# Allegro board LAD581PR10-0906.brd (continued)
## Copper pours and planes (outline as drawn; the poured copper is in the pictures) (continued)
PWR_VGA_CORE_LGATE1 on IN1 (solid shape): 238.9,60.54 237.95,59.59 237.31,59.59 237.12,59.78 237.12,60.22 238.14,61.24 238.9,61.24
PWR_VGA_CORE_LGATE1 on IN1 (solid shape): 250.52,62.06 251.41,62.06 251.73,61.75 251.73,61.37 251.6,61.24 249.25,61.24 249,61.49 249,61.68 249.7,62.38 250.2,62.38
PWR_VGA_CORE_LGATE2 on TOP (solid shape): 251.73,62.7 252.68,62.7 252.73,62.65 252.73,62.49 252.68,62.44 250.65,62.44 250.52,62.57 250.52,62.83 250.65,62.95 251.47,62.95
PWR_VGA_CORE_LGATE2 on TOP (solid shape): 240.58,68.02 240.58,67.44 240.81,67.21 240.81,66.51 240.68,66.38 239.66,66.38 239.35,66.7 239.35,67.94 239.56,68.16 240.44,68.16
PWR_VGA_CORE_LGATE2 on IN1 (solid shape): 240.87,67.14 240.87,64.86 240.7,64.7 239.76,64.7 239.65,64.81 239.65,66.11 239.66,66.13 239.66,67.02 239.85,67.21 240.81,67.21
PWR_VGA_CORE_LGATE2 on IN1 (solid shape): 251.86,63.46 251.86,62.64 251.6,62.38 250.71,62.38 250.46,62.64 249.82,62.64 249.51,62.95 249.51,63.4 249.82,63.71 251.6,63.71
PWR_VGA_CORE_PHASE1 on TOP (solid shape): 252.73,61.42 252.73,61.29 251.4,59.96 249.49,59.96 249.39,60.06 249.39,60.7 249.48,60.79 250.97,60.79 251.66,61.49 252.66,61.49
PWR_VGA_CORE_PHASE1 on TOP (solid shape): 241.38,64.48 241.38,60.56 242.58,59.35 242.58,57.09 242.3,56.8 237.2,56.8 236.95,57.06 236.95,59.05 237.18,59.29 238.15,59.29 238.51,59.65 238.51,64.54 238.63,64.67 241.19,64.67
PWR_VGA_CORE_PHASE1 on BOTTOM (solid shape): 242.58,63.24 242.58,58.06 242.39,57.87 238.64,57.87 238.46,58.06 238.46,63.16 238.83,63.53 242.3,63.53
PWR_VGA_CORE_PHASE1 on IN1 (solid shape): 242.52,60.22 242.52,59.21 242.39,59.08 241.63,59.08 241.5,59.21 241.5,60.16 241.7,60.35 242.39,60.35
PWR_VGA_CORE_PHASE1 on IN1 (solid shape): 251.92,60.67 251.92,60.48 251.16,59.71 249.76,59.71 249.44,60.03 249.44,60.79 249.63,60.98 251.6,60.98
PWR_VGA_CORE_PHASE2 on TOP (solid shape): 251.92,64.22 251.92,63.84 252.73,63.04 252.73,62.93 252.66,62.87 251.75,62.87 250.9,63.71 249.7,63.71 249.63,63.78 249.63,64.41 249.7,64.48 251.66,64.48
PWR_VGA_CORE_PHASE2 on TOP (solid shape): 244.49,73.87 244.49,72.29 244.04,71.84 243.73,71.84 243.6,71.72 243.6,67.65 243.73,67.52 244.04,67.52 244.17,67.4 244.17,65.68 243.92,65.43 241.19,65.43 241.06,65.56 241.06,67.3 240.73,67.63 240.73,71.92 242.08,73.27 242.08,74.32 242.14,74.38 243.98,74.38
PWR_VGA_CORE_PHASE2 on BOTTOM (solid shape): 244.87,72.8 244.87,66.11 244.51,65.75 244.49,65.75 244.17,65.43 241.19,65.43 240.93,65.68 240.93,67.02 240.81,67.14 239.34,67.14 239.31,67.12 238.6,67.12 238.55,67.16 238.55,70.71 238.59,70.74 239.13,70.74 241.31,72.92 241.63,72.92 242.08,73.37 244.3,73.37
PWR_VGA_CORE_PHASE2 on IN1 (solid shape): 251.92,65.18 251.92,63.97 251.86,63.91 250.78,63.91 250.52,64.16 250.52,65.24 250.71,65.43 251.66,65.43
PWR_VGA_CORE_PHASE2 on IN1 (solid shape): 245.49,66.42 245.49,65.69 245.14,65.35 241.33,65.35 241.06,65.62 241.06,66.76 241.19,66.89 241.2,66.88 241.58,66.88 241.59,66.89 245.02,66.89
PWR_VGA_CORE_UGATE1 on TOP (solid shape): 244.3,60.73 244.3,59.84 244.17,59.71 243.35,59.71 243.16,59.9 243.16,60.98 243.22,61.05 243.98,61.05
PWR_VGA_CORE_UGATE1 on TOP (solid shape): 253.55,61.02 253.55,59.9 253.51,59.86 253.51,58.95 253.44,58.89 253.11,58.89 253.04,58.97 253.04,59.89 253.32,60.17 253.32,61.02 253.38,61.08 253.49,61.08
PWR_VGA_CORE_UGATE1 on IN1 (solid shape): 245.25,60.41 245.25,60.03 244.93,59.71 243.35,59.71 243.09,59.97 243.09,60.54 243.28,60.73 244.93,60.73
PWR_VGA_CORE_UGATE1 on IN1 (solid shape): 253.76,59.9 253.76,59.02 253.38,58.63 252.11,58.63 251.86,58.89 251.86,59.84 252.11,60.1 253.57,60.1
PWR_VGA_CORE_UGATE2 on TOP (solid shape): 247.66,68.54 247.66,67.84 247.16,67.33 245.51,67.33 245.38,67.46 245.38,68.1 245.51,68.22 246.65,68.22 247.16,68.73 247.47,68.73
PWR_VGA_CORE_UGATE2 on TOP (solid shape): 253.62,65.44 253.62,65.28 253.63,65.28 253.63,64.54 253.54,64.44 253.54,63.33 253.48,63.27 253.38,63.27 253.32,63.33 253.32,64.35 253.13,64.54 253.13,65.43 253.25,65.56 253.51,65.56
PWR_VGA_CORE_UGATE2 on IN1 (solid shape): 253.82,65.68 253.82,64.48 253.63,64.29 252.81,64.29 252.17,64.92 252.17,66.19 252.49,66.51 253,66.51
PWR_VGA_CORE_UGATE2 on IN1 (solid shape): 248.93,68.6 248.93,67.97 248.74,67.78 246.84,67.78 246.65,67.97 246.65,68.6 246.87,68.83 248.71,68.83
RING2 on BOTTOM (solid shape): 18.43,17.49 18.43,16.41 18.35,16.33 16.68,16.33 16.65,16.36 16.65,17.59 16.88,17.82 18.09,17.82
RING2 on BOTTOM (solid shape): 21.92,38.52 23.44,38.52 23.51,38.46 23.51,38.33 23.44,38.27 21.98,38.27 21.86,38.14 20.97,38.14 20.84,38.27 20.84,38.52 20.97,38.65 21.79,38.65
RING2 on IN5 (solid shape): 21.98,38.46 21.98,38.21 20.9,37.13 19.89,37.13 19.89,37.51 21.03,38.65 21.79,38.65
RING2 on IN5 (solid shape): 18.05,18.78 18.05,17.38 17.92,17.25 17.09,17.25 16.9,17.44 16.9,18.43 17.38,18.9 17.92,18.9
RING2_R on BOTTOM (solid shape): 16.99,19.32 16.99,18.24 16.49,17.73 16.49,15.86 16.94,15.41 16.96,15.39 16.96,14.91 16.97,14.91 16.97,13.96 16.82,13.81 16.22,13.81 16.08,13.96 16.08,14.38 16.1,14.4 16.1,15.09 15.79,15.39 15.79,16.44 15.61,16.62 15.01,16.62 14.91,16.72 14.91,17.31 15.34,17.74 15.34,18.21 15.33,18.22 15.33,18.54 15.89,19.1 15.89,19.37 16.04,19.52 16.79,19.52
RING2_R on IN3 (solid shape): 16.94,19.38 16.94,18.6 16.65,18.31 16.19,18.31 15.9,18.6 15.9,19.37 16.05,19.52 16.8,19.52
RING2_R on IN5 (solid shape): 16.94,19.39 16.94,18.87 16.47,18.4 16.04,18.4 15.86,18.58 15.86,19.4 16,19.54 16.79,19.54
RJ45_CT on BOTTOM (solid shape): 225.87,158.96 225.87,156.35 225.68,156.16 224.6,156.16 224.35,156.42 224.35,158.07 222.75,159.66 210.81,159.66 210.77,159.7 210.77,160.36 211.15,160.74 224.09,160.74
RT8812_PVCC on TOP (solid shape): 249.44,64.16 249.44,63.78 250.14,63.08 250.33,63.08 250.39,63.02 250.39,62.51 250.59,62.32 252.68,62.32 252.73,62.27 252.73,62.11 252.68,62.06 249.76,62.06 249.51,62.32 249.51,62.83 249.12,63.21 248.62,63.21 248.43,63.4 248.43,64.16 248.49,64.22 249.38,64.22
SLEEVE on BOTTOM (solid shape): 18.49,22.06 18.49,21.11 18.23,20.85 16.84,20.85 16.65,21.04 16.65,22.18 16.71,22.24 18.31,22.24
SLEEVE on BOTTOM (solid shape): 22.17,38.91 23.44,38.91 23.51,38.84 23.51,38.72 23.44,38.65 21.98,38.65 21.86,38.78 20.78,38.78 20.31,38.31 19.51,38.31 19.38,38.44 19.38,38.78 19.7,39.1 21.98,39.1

● ● ● ●

§ **DIRECTIONS FOR THIS TASK**
Starting at the first line of the records above, please copy every line exactly through the line containing "PWR_VGA_CORE_LGATE1 on IN1 (solid shape): 238.9,60.54", and stop there.

§ **PROBLEM SOLUTION**
# Allegro board LAD581PR10-0906.brd (continued)
## Copper pours and planes (outline as drawn; the poured copper is in the pictures) (continued)
PWR_VGA_CORE_LGATE1 on IN1 (solid shape): 238.9,60.54 237.95,59.59 237.31,59.59 237.12,59.78 237.12,60.22 238.14,61.24 238.9,61.24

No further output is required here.